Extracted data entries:

>>>

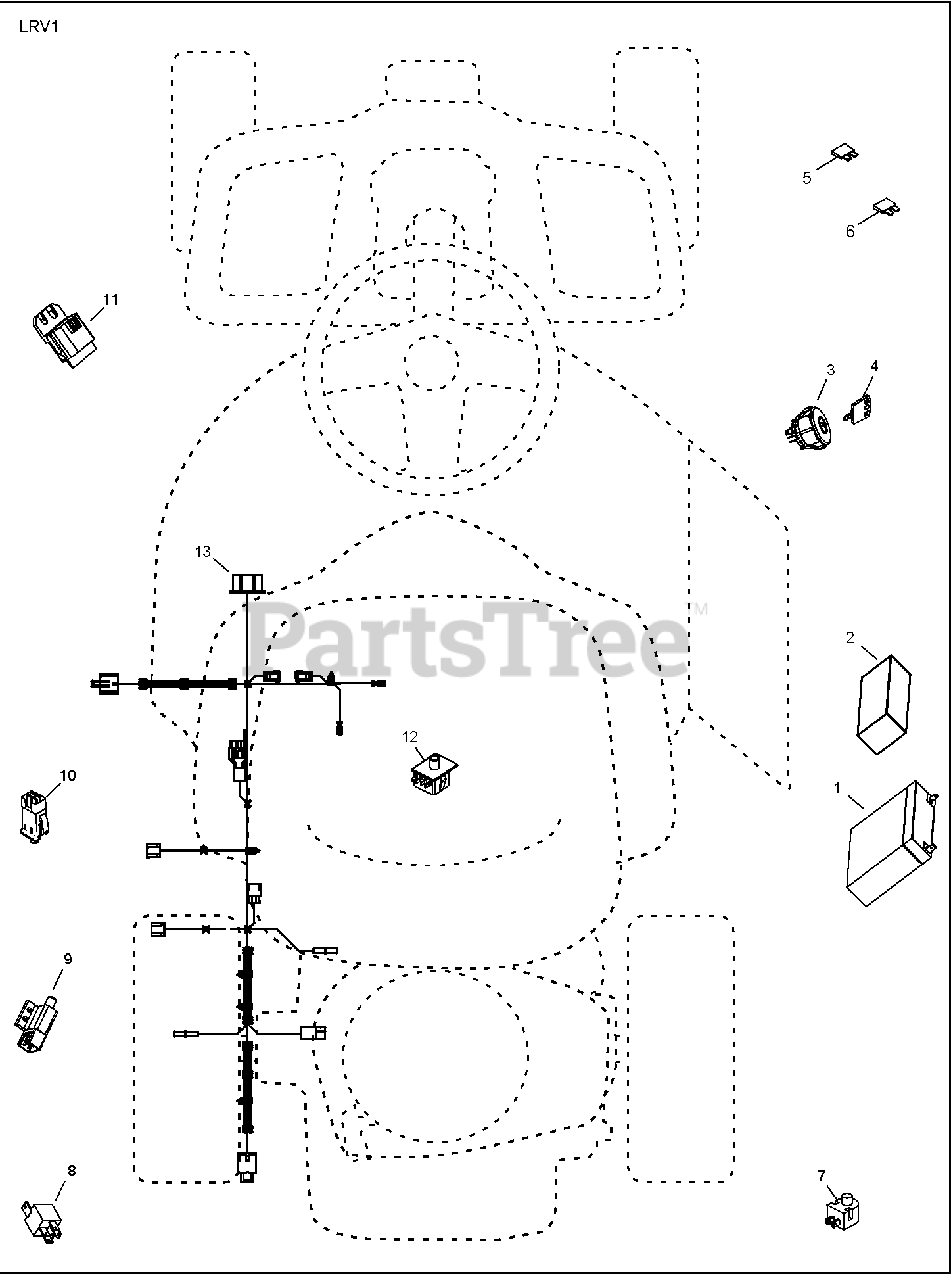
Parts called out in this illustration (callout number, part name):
1	BATTERY, 12V, 8AH
2	FOAM, POLYURETHANE
3	SWITCH, IGN, DLTA, P-IN, ROS
4	KEY, MOLDED
5	FUSE, 5A
6	FUSE, 40A
7	SWITCH, PLUNGER, NO, OLIVE
8	RELAY, 40A
9	SWITCH, INTLK,CL, MWR, GRY
10	SWITCH, INTERLOCK, NONC,GRAY
11	MODULE, STARTING, RECOIL, LRV
12	SWITCH, SEAT, DP, ROS
13	HARNESS, IGN, ELECTSTART, LRV
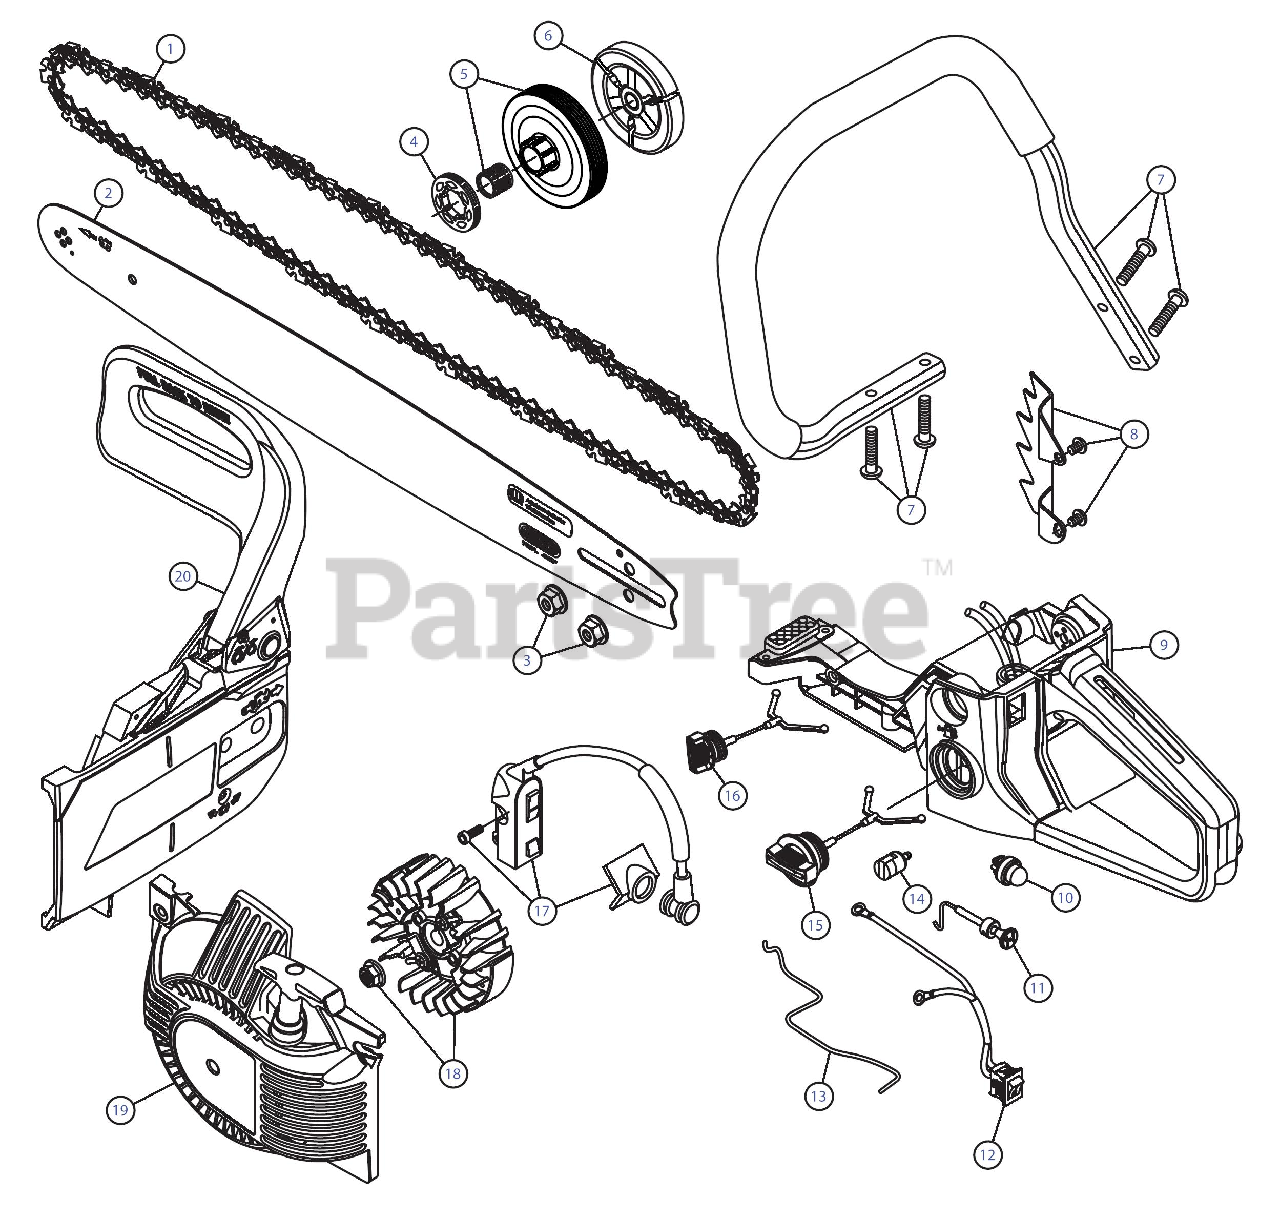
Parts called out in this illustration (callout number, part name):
1	Chain 18"
2	Chain Guide Bar
3	Guide Bar Nuts (2)
4	Sprocket
5	Clutch Drum Assembly
6	Clutch Assembly
7	Chainsaw Handle Assembly (with Screws (4))
8	Spike Plate (with Screws (2))
9	Fuel Tank Assembly
10	Primer Bulb
11	Choke Lever Assembly
12	Stop Switch Assembly
13	Throttle Rod
14	Fuel Filter
15	Fuel Cap Assembly
16	Oil Cap Assembly
17	Ignition Module Assembly (with Screws (2))
18	Flywheel Assembly
19	Starter Housing Assembly
20	Chainsaw Brake Assembly

<<<

• WORK TO COMPLETE: Look through the entries for the string "Clutch". Every line that has it belongs in the answer.

• SOLVED PROBLEM:
5	Clutch Drum Assembly
6	Clutch Assembly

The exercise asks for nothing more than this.